■ What you have to do
Every word in the data below belongs in your copy, exactly as given; the pictures do not.

Start of Source data

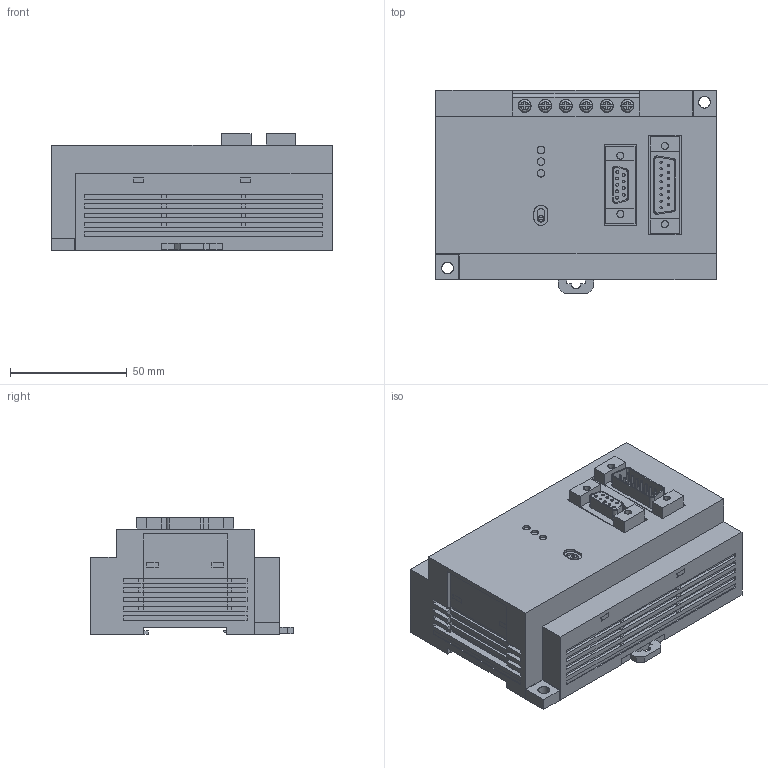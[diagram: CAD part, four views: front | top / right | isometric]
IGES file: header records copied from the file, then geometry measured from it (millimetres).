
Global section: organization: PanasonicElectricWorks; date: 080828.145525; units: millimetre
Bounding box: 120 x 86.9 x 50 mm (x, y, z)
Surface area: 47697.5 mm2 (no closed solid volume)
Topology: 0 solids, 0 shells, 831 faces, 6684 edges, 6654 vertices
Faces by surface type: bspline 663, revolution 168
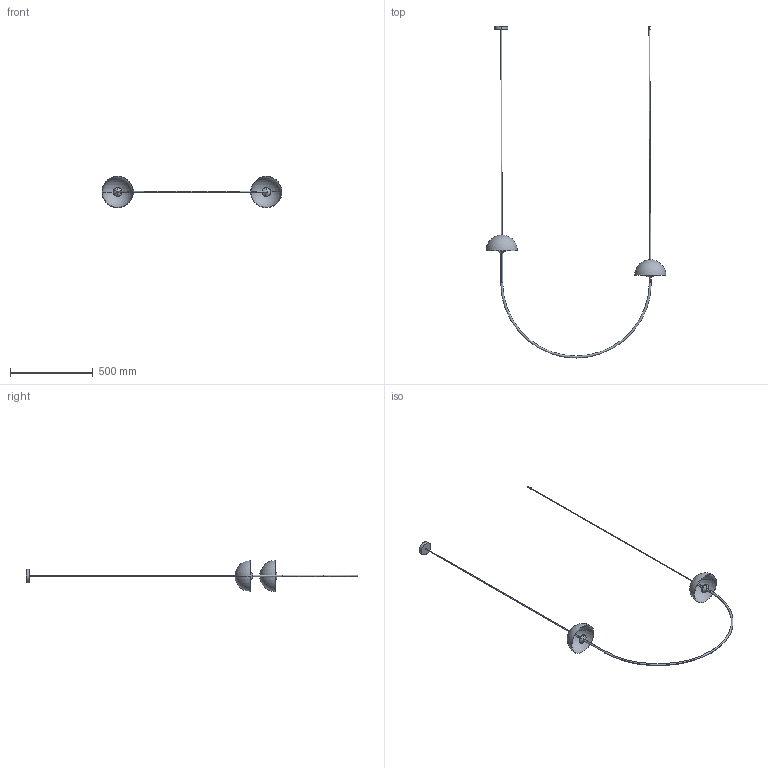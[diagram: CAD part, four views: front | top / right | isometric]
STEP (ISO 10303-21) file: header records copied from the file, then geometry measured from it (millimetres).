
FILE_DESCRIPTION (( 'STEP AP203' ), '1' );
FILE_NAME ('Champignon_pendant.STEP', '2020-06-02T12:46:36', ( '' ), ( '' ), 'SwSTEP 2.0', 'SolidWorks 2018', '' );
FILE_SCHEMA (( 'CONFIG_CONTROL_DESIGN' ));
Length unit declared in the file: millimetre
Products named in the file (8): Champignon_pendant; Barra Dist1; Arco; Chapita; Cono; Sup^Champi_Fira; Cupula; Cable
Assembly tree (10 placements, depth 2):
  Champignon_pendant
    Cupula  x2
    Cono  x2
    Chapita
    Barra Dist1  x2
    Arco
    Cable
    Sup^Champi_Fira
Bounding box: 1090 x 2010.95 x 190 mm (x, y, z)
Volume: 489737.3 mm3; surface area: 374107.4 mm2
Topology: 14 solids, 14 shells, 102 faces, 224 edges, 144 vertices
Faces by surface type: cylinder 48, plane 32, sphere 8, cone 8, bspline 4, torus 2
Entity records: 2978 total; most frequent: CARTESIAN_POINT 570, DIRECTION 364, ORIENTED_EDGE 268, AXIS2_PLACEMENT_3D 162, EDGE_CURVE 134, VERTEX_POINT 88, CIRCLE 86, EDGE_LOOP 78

End of Source data

■ Solution to the exercise
[diagram: CAD part, four views: front | top / right | isometric]
IGES file: header records copied from the file, then geometry measured from it (millimetres).
Global section: organization: PanasonicElectricWorks; date: 080828.145525; units: millimetre
Bounding box: 120 x 86.9 x 50 mm (x, y, z)
Surface area: 47697.5 mm2 (no closed solid volume)
Topology: 0 solids, 0 shells, 831 faces, 6684 edges, 6654 vertices
Faces by surface type: bspline 663, revolution 168
[diagram: CAD part, four views: front | top / right | isometric]
STEP (ISO 10303-21) file: header records copied from the file, then geometry measured from it (millimetres).
FILE_DESCRIPTION (( 'STEP AP203' ), '1' );
FILE_NAME ('Champignon_pendant.STEP', '2020-06-02T12:46:36', ( '' ), ( '' ), 'SwSTEP 2.0', 'SolidWorks 2018', '' );
FILE_SCHEMA (( 'CONFIG_CONTROL_DESIGN' ));
Length unit declared in the file: millimetre
Products named in the file (8): Champignon_pendant; Barra Dist1; Arco; Chapita; Cono; Sup^Champi_Fira; Cupula; Cable
Assembly tree (10 placements, depth 2):
  Champignon_pendant
    Cupula  x2
    Cono  x2
    Chapita
    Barra Dist1  x2
    Arco
    Cable
    Sup^Champi_Fira
Bounding box: 1090 x 2010.95 x 190 mm (x, y, z)
Volume: 489737.3 mm3; surface area: 374107.4 mm2
Topology: 14 solids, 14 shells, 102 faces, 224 edges, 144 vertices
Faces by surface type: cylinder 48, plane 32, sphere 8, cone 8, bspline 4, torus 2
Entity records: 2978 total; most frequent: CARTESIAN_POINT 570, DIRECTION 364, ORIENTED_EDGE 268, AXIS2_PLACEMENT_3D 162, EDGE_CURVE 134, VERTEX_POINT 88, CIRCLE 86, EDGE_LOOP 78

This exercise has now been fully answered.